Defamation: Anti-SLAPP Motions, Mixed Causes of Action and the Litigation Privilege in Los Angeles and San Diego

Last month a Los Angeles Court of Appeals decided a libel case involving mixed causes of action, i.e., claims including legally protected and unprotected statements or activity, in framework of the litigation privilege.1

The defendant-cross-complainant-respondent (Kettler) is a financial planner and advisor who assisted plaintiffs elderly parents for 20 years. Shortly after their deaths, the plaintiff daughter sued for misappropriation of her parents’ funds, and asserted Kettler intentionally deceived them to obtain their financial power of attorney. The plaintiff also filed complaints with the California Department of Insurance; the Certified Financial Planner Board of Standards, Inc. (“CFP Board”); The Financial Industry Regulatory Authority (“FINRA”); Anthem Blue Cross; and the defendant’s employer, AXA Advisory, LLC, through its dedicated fraud reporting site.

The defendant cross-complained. He sought damages for defamation and an injunction preventing the Plaintiff/Cross-Defendant from continuing her “wrongful conduct.”

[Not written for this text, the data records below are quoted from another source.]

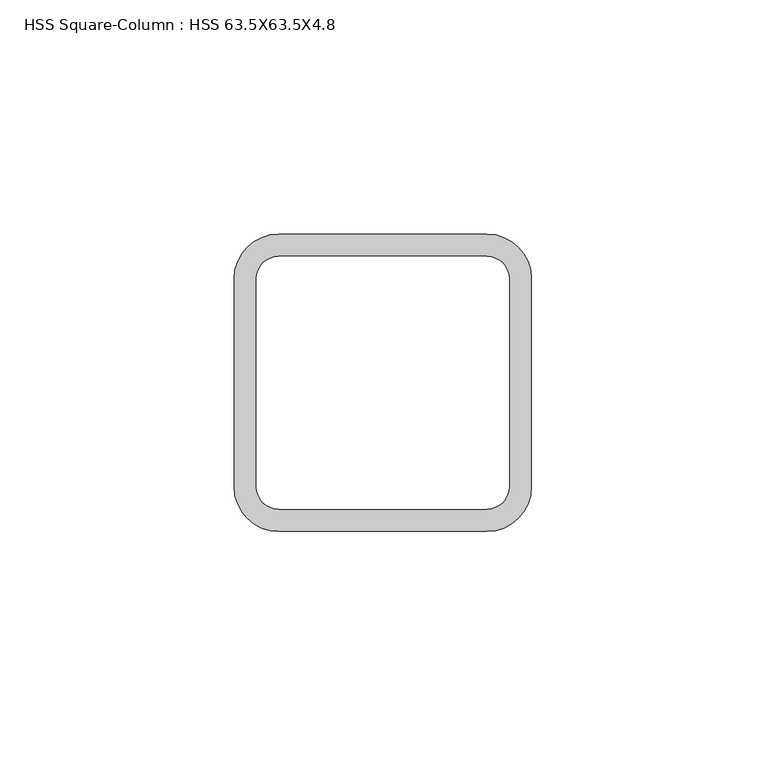
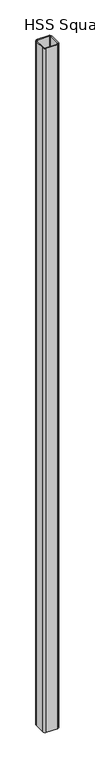
"""IFC4 building model written with IfcOpenShell, lengths in millimetres: column geometry, HSS Square-Column : HSS 63.5X63.5X4.8."""

from ifc_helpers import new_model, si_unit, point, frame, frame_2d, origin, place, context, project, spatial, polyline, circle_curve, trimmed, segment, composite_curve, outline, extrude, source, transform, mapped, element, save


def hss_square_column_hss_63_5x63_5x4_8_fc1831c0(model_context):
    return source(origin(), model_context, "Body", "SweptSolid", [
        extrude(outline(composite_curve([segment(trimmed(circle_curve(frame_2d((22.225, 22.225)), 9.525), [point((22.225, 31.75))], [point((31.75, 22.225))], False, "CARTESIAN"), True, "CONTINUOUS"), segment(polyline([(31.75, 22.225), (31.75, -22.225)]), True, "CONTINUOUS"), segment(trimmed(circle_curve(frame_2d((22.225, -22.225)), 9.525), [point((31.75, -22.225))], [point((22.225, -31.75))], False, "CARTESIAN"), True, "CONTINUOUS"), segment(polyline([(22.225, -31.75), (-22.225, -31.75)]), True, "CONTINUOUS"), segment(trimmed(circle_curve(frame_2d((-22.225, -22.225)), 9.525), [point((-22.225, -31.75))], [point((-31.75, -22.225))], False, "CARTESIAN"), True, "CONTINUOUS"), segment(polyline([(-31.75, -22.225), (-31.75, 22.225)]), True, "CONTINUOUS"), segment(trimmed(circle_curve(frame_2d((-22.225, 22.225)), 9.525), [point((-31.75, 22.225))], [point((-22.225, 31.75))], False, "CARTESIAN"), True, "CONTINUOUS"), segment(polyline([(-22.225, 31.75), (22.225, 31.75)]), True, "CONTINUOUS")], self_intersect=False), holes=[composite_curve([segment(polyline([(22.225, 26.9875), (-22.225, 26.9875)]), True, "CONTINUOUS"), segment(trimmed(circle_curve(frame_2d((-22.225, 22.225)), 4.7625), [point((-22.225, 26.9875))], [point((-26.9875, 22.225))], True, "CARTESIAN"), True, "CONTINUOUS"), segment(polyline([(-26.9875, 22.225), (-26.9875, -22.225)]), True, "CONTINUOUS"), segment(trimmed(circle_curve(frame_2d((-22.225, -22.225)), 4.7625), [point((-26.9875, -22.225))], [point((-22.225, -26.9875))], True, "CARTESIAN"), True, "CONTINUOUS"), segment(polyline([(-22.225, -26.9875), (22.225, -26.9875)]), True, "CONTINUOUS"), segment(trimmed(circle_curve(frame_2d((22.225, -22.225)), 4.7625), [point((22.225, -26.9875))], [point((26.9875, -22.225))], True, "CARTESIAN"), True, "CONTINUOUS"), segment(polyline([(26.9875, -22.225), (26.9875, 22.225)]), True, "CONTINUOUS"), segment(trimmed(circle_curve(frame_2d((22.225, 22.225)), 4.7625), [point((26.9875, 22.225))], [point((22.225, 26.9875))], True, "CARTESIAN"), True, "CONTINUOUS")], self_intersect=False)]), frame((0.0, 0.0, 3220.0), z_axis=(0.0, 0.0, 1.0), x_axis=(1.0, 0.0, 0.0)), (0.0, 0.0, 1.0), 2900.0),
    ])


if __name__ == "__main__":
    model = new_model("IFC4")
    model_context = context("Model", 3, world=origin())
    ifc_project = project(units=[si_unit("LENGTHUNIT", "METRE", prefix="MILLI")], contexts=[model_context])
    site = spatial("IfcSite", under=ifc_project)
    building = spatial("IfcBuilding", under=site)
    placement = place(None, origin())
    hss_square_column_hss_63_5x63_5x4_8_shape = hss_square_column_hss_63_5x63_5x4_8_fc1831c0(model_context)
    element("IfcColumn", 1, ObjectType="HSS Square-Column : HSS 63.5X63.5X4.8", at=placement, inside=building, context=model_context, shape_type="MappedRepresentation", body=[
        mapped(hss_square_column_hss_63_5x63_5x4_8_shape, transform((0.0, 0.0, 0.0), x_axis=(1.0, 0.0, 0.0), y_axis=(0.0, 1.0, 0.0), z_axis=(0.0, 0.0, 1.0))),
    ])
    save(model, "model.ifc")

# Revit data of these elements
# Type "HSS Square-Column : HSS 63.5X63.5X4.8"
#   Section Name Key = "HSS 2 1/2X2 1/2X3/16"
#   Assembly Code = "B10"
#   Width = 6.35 cm
#   Wall Nominal Thickness = 0.4763 cm
#   Wall Design Thickness = 0.442 cm
#   Torsional Moment of Inertia = 93.6521 cm⁴
#   Torsional Modulus = 30.4799 cm³
#   Section Area = 9.93546 cm²
#   Plastic Modulus weak axis = 21.6309 cm³
#   Plastic Modulus strong axis = 21.6309 cm³
#   Outer Fillet = 0.9525 cm
#   Nominal Weight = 8.31884 kgf/m
#   Moment of Inertia weak axis = 56.1912 cm⁴
#   Moment of Inertia strong axis = 56.1912 cm⁴
#   Inner Fillet = 0.4763 cm
#   Height = 6.35 cm
#   Elastic Modulus weak axis = 17.698 cm³
#   Elastic Modulus strong axis = 17.698 cm³
#   Centroid Vertical = 3.175 cm
#   Centroid Horizontal = 3.175 cm
#   Structural Material [instance default] = Steel ASTM A500, Grade B, Rectangular and Square
#   Principal Axes Angle = 0
# Element 1 (IfcColumn, "HSS Square-Column : HSS 63.5X63.5X4.8")
#   Structural Material = none
# Materials
#   "Steel ASTM A500, Grade B, Rectangular and Square": class "Metal", colour RGB 199 199 199, transparency 0, Description = "Carbon steel", Cost = 0
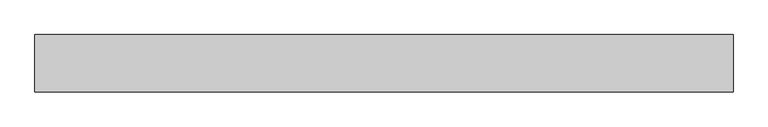
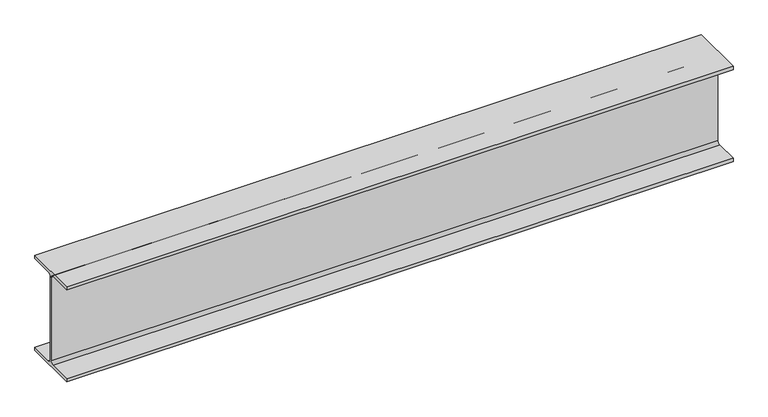
"""IFC4 building model written with IfcOpenShell, lengths in millimetres: beam geometry, Old_Steel Beam_H-KSD3502 : H_SB_ASB_H-194×150x6x9."""

from ifc_helpers import new_model, si_unit, point, frame, frame_2d, origin, place, context, project, spatial, polyline, circle_curve, trimmed, segment, composite_curve, outline, extrude, source, transform, mapped, element, save


def beam_e603d65a(model_context):
    return source(origin(), model_context, "Body", "SweptSolid", [
        extrude(outline(composite_curve([segment(polyline([(-82.5, -141.5), (-11.9, -141.5)]), True, "CONTINUOUS"), segment(trimmed(circle_curve(frame_2d((-11.9, -132.6)), 8.9), [point((-11.9, -141.5))], [point((-3.0, -132.6))], True, "CARTESIAN"), True, "CONTINUOUS"), segment(polyline([(-3.0, -132.6), (-3.0, 132.6)]), True, "CONTINUOUS"), segment(trimmed(circle_curve(frame_2d((-11.9, 132.6)), 8.9), [point((-3.0, 132.6))], [point((-11.9, 141.5))], True, "CARTESIAN"), True, "CONTINUOUS"), segment(polyline([(-11.9, 141.5), (-82.5, 141.5), (-82.5, 151.7), (82.5, 151.7), (82.5, 141.5), (11.9, 141.5)]), True, "CONTINUOUS"), segment(trimmed(circle_curve(frame_2d((11.9, 132.6)), 8.9), [point((11.9, 141.5))], [point((3.0, 132.6))], True, "CARTESIAN"), True, "CONTINUOUS"), segment(polyline([(3.0, 132.6), (3.0, -132.6)]), True, "CONTINUOUS"), segment(trimmed(circle_curve(frame_2d((11.9, -132.6)), 8.9), [point((3.0, -132.6))], [point((11.9, -141.5))], True, "CARTESIAN"), True, "CONTINUOUS"), segment(polyline([(11.9, -141.5), (82.5, -141.5), (82.5, -151.7), (-82.5, -151.7), (-82.5, -141.5)]), True, "CONTINUOUS")], self_intersect=False)), frame((-1171.2564634, 0.0, 0.0), z_axis=(1.0, 0.0, 0.0), x_axis=(0.0, 1.0, 0.0)), (0.0, 0.0, 1.0), 2006.3303739),
    ])


if __name__ == "__main__":
    model = new_model("IFC4")
    model_context = context("Model", 3, world=origin())
    ifc_project = project(units=[si_unit("LENGTHUNIT", "METRE", prefix="MILLI")], contexts=[model_context])
    site = spatial("IfcSite", under=ifc_project)
    building = spatial("IfcBuilding", under=site)
    placement = place(None, origin())
    beam_shape = beam_e603d65a(model_context)
    element("IfcBeam", 1, ObjectType="Old_Steel Beam_H-KSD3502 : H_SB_ASB_H-194×150x6x9", at=placement, inside=building, context=model_context, shape_type="MappedRepresentation", body=[
        mapped(beam_shape, transform((0.0, 0.0, 0.0), x_axis=(1.0, 0.0, 0.0), y_axis=(0.0, 1.0, 0.0), z_axis=(0.0, 0.0, 1.0))),
    ])
    save(model, "model.ifc")

# Revit data of these elements
# Type "Old_Steel Beam_H-KSD3502 : H_SB_ASB_H-194×150x6x9"
#   Width = 15.0 cm
#   Web Thickness = 0.6 cm
#   Web Fillet = 1.3 cm
#   Warping Constant = 43316.0 cm⁶
#   Torsional Moment of Inertia = 8.622 cm⁴
#   Torsional Modulus = 1.0 cm³
#   Section Area = 39.01 cm²
#   Plastic Modulus weak axis = 104.0 cm³
#   Plastic Modulus strong axis = 309.0 cm³
#   Perimeter = 0.95 m²/m
#   Nominal Weight = 30.60 kgf/m
#   Moment of Inertia weak axis = 507.00 cm⁴
#   Moment of Inertia strong axis = 2690.00 cm⁴
#   Height = 19.4 cm
#   Flange Thickness = 0.9 cm
#   Elastic Modulus weak axis = 67.6 cm³
#   Elastic Modulus strong axis = 277.0 cm³
#   Centroid Vertical = 9.7 cm
#   Centroid Horizontal = 7.5 cm
#   Length [instance default] = 1.5240 m
#   Structural Material [instance default] = Steel, 45-345
#   Assembly Code = ""
# Element 1 (IfcBeam, "Old_Steel Beam_H-KSD3502 : H_SB_ASB_H-194×150x6x9")
#   Structural Material = none
# Materials
#   "Steel, 45-345": class "Metal", colour RGB 189 187 185, transparency 0, Description = "Steel 345 MPa", Cost = 0

The cross-defendant filed an anti-SLAPP motion. She argued her pre-litigation complaints to the agencies above were protected by the litigation privilege. However, because some of her pre­ litigation complaints to agencies were privileged while some were not, the court first addressed

the “mixed” causes of action. ” … [Particular alleged acts giving rise to a claim for relief may be the object of an anti-SLAPP motion. Thus, in cases involving allegations of both protected [privileged] and unprotected activity, the plaintiff is required to establish a probability of prevailing on any claim for relief based on allegations of protected activity.”

California Civil Code§ 47(b) embraces testimony in court and statements in pleadings. It also encompasses statements made before a court action is filed. The law provides a pre-litigation statement made (1) in good faith preparation for anticipated litigation, or (2) to investigate the feasibility of suing, is shielded by section 47(b)–but only when ” .. .it relates to litigation that is contemplated in good faith and under serious consideration.” (Citations omitted)

Citing cases, the Los Angeles appellate court held the party’s access to the courts must be (a) imminent and (b) seriously proposed by the client authorizing a prelitigation communication such as a cease and desist demand letter.

In Kettler, the plaintiff/cross-defendant periodically contacted AXA, the defendant/cross­ complainant/respondent’s employer, using the employer’s “fraud” website. Plaintiff lodged her first complaint there on August 25, 2013, her second five and one-half months later, February 10, 2014, and her third on July 22, 2014 – 11 months after the first email to the site, five months after the second. In none of the complaints about Kettler to his company did she indicate she intended to sue AXA. The superior court disagreed with the plaintiffs contention her complaints to defendant’s employer were privileged by §47(b). That lower court further rejected the assertion the earlier communications to AXA were the same as those that appeared in the later civil action 2 reported last month.

The Kettler court agreed. The panel first noted none of the emails to AXA contained any suggestion cross-defendants were contemplating a suit against AXA. Next, none of plaintiff/cross-defendant’s sworn statements supporting her anti-SLAPP motion contained evidence the AXA emails between August 2013 and February 2014 were submitted in pursuit of, or logically related to, furtherance of an imminent lawsuit. The justices decided the communications to AXA were “entirely extraneous to the action” and the contemplated litigation was more a “bare possibility” than a genuine and imminent plan.

Kettler provides useful guidance to counsel advising prospective litigants contemplating a defamation claim. Attorneys and parties are well advised to review it when bringing libel and slander cases.

1.See Kettler v. Gould, 4/20/18, B282160 (Los Angeles County Superior Court No. LC 101909)

2.There was an earlier probate action between the parties unimportant to this discussion.